Agent Value-Meter

Run it

booting Python runtime…

Load an example:

fit split

What it measures

1 · Value ceiling — I(X;Y)

The mutual information between the correct action X and the agent's choice Y: the most value this agent could realize on this task. Reported against a permutation null so it's above-chance, not raw. Plus H(X) and saturation I/H(X) — how close to the ceiling it already is.

2 · Realized rate — ΔG

Two numbers, clearly labelled. In-sample ΔG = I is an arithmetic identity (definitional, no empirical weight). The out-of-sample number — calibrate the posterior on a fit split, score on a holdout — is the empirical one, with a bootstrap CI.

3 · Dissipation — D(q‖p)

The Second-Law term: value lost to miscalibration. If your records carry a prob (the agent's stated belief), it's measured against that. Otherwise a constructed over-confident belief is used — and the output says which.

4 · Value per compute

I / tokens (primary, load-free) and I / median-latency (secondary; median is load-robust). What each unit of compute actually buys in value.

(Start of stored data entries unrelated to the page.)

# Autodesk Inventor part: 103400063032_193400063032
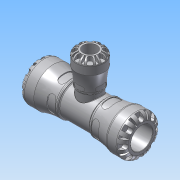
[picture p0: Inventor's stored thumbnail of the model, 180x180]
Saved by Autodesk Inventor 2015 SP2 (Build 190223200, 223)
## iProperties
Created: 2016-12
Part Number: 103400063032_193400063032
Material: PVC-Piping
Description: PLASSON REDUCING TEE 63X32X63 SERIES 1
Document SubType Name: Modeling
Designer: KIM
Mass: 664.223 g
Surface Area: 733.008 cm^2
Volume: 474.445 cm^3
Density: 1.4 g/cm^3
Appearance: Smooth - White
Author: KIM
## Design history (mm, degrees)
derived "1034.ipt"
feature "Solid1::1034.ipt"
tag "TaggingFeature1"
body "Solid1"
other parameters: "d9" = 12.125, "d11" = 103, "d12" = 78.75, "d230" = 58, "d232" = 9, "d1" = 37.8, "d2" = 63, "d3" = 78.75, "d4" = 103, "d8" = 87.55, "d13" = 9.7, "d14" = 9.7, "d15" = 0, "d17" = 360 deg, "d19" = 8 deg, "d20" = 1.26, "d21" = 1.26, "d22" = 8 deg, "d24" = 0, "d26" = 360 deg, "d33" = 10.3, "d43" = 80.34, "d51" = 1.03, "d54" = 22.05, "d55" = 13.86, "d57" = 19.012, "d58" = 0, "d74" = 0, "d77" = 5.25, "d79" = 80.34, "d80" = 262, "d82" = 1.26, "d115" = 360 deg, "d139" = 9.7, "d140" = 0, "d142" = 360 deg, "d207" = 90 deg, "d209" = 22.68, "d210" = 32, "d212" = 58, "d213" = 49.3, "d215" = 45.24, "d216" = 2.66667, "d217" = 54, "d226" = 54, "d228" = 18.7425, "d229" = 7.2, "d233" = 7.2, "d234" = 0, "d236" = 360 deg, "d238" = 8 deg, "d239" = 8 deg, "d240" = 1.26, "d241" = 1.26, "d243" = 0, "d245" = 360 deg, "d247" = 2.06, "d248" = 5.4, "d249" = 3.24, "d250" = 9.52, "d252" = 11.2, "d253" = 7.36, "d254" = 19.012, "d255" = 0, "d257" = 360 deg, "d259" = 1.26, "d261" = 0, "d262" = 2.06, "d264" = 0, "d266" = 0, "d267" = 1.03, "d_" = 63, "E_" = 103, "H_" = 262, "d_1" = 32, "E_1" = 58, "l_1" = 54
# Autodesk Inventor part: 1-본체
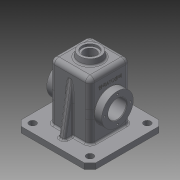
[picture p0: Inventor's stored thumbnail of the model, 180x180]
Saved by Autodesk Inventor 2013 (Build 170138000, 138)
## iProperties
Created: 2016-02
Part Number: 1-본체
Material: 일반
Document SubType Name: Modeling
Designer: max6
Density: 1 g/cm^3
Author: max6
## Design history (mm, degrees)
sketch "스케치1"
  geometry: L1 (-65, 65)-(65, 65); L2 (65, 65)-(65, -65); L3 (65, -65)-(-65, -65); L4 (-65, -65)-(-65, 65); 3 further points
  constraints: 8 end point, 2 midpoint, 2 parallel, 1 horizontal, 1 horizontal alignment, 1 perpendicular, 1 vertical alignment
  dimensions: "d0" = 130 distance between parallel lines of L2 L4; "d2" = 130 distance between parallel lines of L3 L1
extrude "돌출1" new body sketch "스케치1" distance "d3" = 10; taper "d4" = 0 deg
sketch "스케치2"
  geometry: L1 (-35, 35)-(35, 35); L2 (35, 35)-(35, -35); L3 (35, -35)-(-35, -35); L4 (-35, -35)-(-35, 35); 3 further points
  constraints: 8 end point, 2 midpoint, 2 parallel, 1 horizontal, 1 horizontal alignment, 1 perpendicular, 1 vertical alignment
  dimensions: "d5" = 70 distance between parallel lines of L2 L4; "d7" = 70 distance between parallel lines of L3 L1
extrude "돌출2" join sketch "스케치2" distance "d8" = 100; taper "d9" = 0 deg
feature "쉘1" dims "d14" = 10, "d15" = 5
sketch "스케치5"
  geometry: C1 r 20 at (0, 0); 1 further point
  constraints: 1 centre point, 1 coincident
  dimensions: "d17" = 40 diameter of C1
extrude "돌출4" join sketch "스케치5" distance "d19" = 10; taper "d20" = 0 deg
sketch "스케치6"
  geometry: L1 (-35, 10)-(-35, 110) reference; L2 (-30, 0)-(-30, 105) reference; L3 (-23, 55)-(-23, 75.5); L4 (-23, 75.5)-(-30, 82.5); L5 (-30, 82.5)-(-48, 82.5); L6 (-48, 82.5)-(-48, 55); L7 (-48, 55)-(-23, 55); L8 (-65, 0)-(65, 0) reference; 1 further point
  constraints: 10 end point, 2 perpendicular, 1 parallel, 1 point on line
  dimensions: "d21" = 55 diameter of L5 L7; "d23" = 13 distance between parallel lines of L1 L6; "d25" = 7 distance between parallel lines of L2 L3; "d26" = 135 deg angle of L2 L4; "d27" = 55 distance from line of L6.end L8
revolve "회전1" sketch "스케치6" stored, may be unused: angle "d28" = 90 deg
feature "면 기울기2" dims angle "d29" = 10 deg
sketch "스케치7"
  geometry: C1 r 18.237 at (0, 0) reference; 1 further point
  constraints: 1 coincident
hole "구멍1" sketch "스케치7" at (0, 0) diameter "d30" = 21; stored, may be unused: countersink angle "d34" = 90 deg, drill point angle "d36" = 118 deg; dims "d31" = 6, "d32" = 28, "d33" = 4, "d35" = 8
sketch "스케치8"
  geometry: C1 r 27.5 at (0, 0) reference; C2 r 16 at (0, 0); 1 further point
  constraints: 1 centre point, 1 coincident
  dimensions: "d37" = 32 diameter of C2
extrude "돌출5" cut sketch "스케치8" distance "d40" = 25; taper "d41" = 0 deg
sketch "스케치9"
  geometry: C1 r 16 at (0, 0) reference; 2 further points
  constraints: 1 vertical alignment
  dimensions: "d42" = 22.5 distance of point (0, 22.5) C1.centre
hole "구멍2" sketch "스케치9" at (0, 22.5) diameter "d43" = 3.242; stored, may be unused: countersink angle "d47" = 90 deg, drill point angle "d49" = 118 deg; dims "d44" = 8, "d45" = 28, "d46" = 4, "d48" = 10
sketch "스케치10"
  geometry: L1 (35, 10)-(35, 110) reference; L2 (65, 10)-(-65, 10) reference; L3 (35, 95.069)-(50, 10); L4 (65, 0)-(65, 10) reference; 1 further point
  constraints: 2 end point, 2 point on line
  dimensions: "d53" = 15 distance from line of L3.end L4; "d54" = 10 deg angle of L3 L4
extrude "돌출6" join sketch "스케치10" stored distance "d55" = 10; taper "d56" = 0 deg
fillet "모깎기2" dims "d58" = 3
fillet "모깎기3" dims "d59" = 0.5
fillet "모깎기4" dims "d60" = 8
fillet "모깎기5" dims "d61" = 8
fillet "모깎기7" dims "d63" = 3
fillet "모깎기8" dims "d64" = 3
chamfer "모따기1" distance "d65" = 10; stored, may be unused: second distance "d66" = 2, angle "d67" = 45 deg
fillet "모깎기9" dims "d70" = 3
fillet "모깎기10" dims "d71" = 3
chamfer "모따기2" distance "d72" = 1; stored, may be unused: second distance "d73" = 2, angle "d74" = 45 deg
sketch "스케치13"
  geometry: C1 r 6 at (50, 50); 1 further point
  constraints: 1 centre point
  dimensions: "d75" = 50 horizontal distance of C1.centre point (0, 0); "d76" = 50 horizontal distance of point (0, 0) C1.centre; "d78" = 12 diameter of C1
extrude "돌출7" cut sketch "스케치13" distance "d79" = 10; taper "d80" = 0 deg
sketch "스케치14"
  geometry: L1 (-65, 18.237)-(-65, -18.237) reference; L2 (-7.416, 35)-(-47, 35) reference; 2 further points
  constraints: 1 other
  dimensions: "d87" = 30 distance from line of L1 point (-35, 0); "d88" = 35 distance from line of L2 point (-35, 0)
feature "엠보싱1" sketch "스케치14" dims "d0" = 130, "d2" = 130, "d17" = 40, "d89" = 0.5, "d90" = 0
fillet "모깎기11" dims "d91" = 0.5
node "솔리드1"
pattern_circular "원형 패턴1" dims angle "d51" = 360 deg
mirror "대칭2"
mirror "대칭4"
pattern_linear "직사각형 패턴1" dims "d83" = 100

The caveats are the instrument

The meter measures; it does not call an agent good or bad, and makes no benchmark-beating claim. Every run carries these:

Task-relative. A per-(agent, task) profile, not a universal agent score.
In-sample ΔG = I is definitional. The empirical content is the out-of-sample number and its CI.
Dissipation is of a stated or constructed belief — the output says which.
Intervals, not point estimates. Read the null and the bootstrap CI.
Single-agent scope only. No multi-agent coordination/governance (that layer is unvalidated).

Run it on your own agent

For each task item, log the correct answer and your agent's answer (plus tokens/latency if you have them). Dump them as records JSON and paste above — or run it from the command line:

cd tools/value-meter
python3 -m value_meter your_run.json          # human-readable profile
python3 -m value_meter your_run.json --json    # machine-readable

There is no model dependency — it works on any agent's recorded outputs. The information-theoretic primitives are reused from the value theory's reference implementation, and a self-test reproduces the paper's published numbers exactly on the cached runs.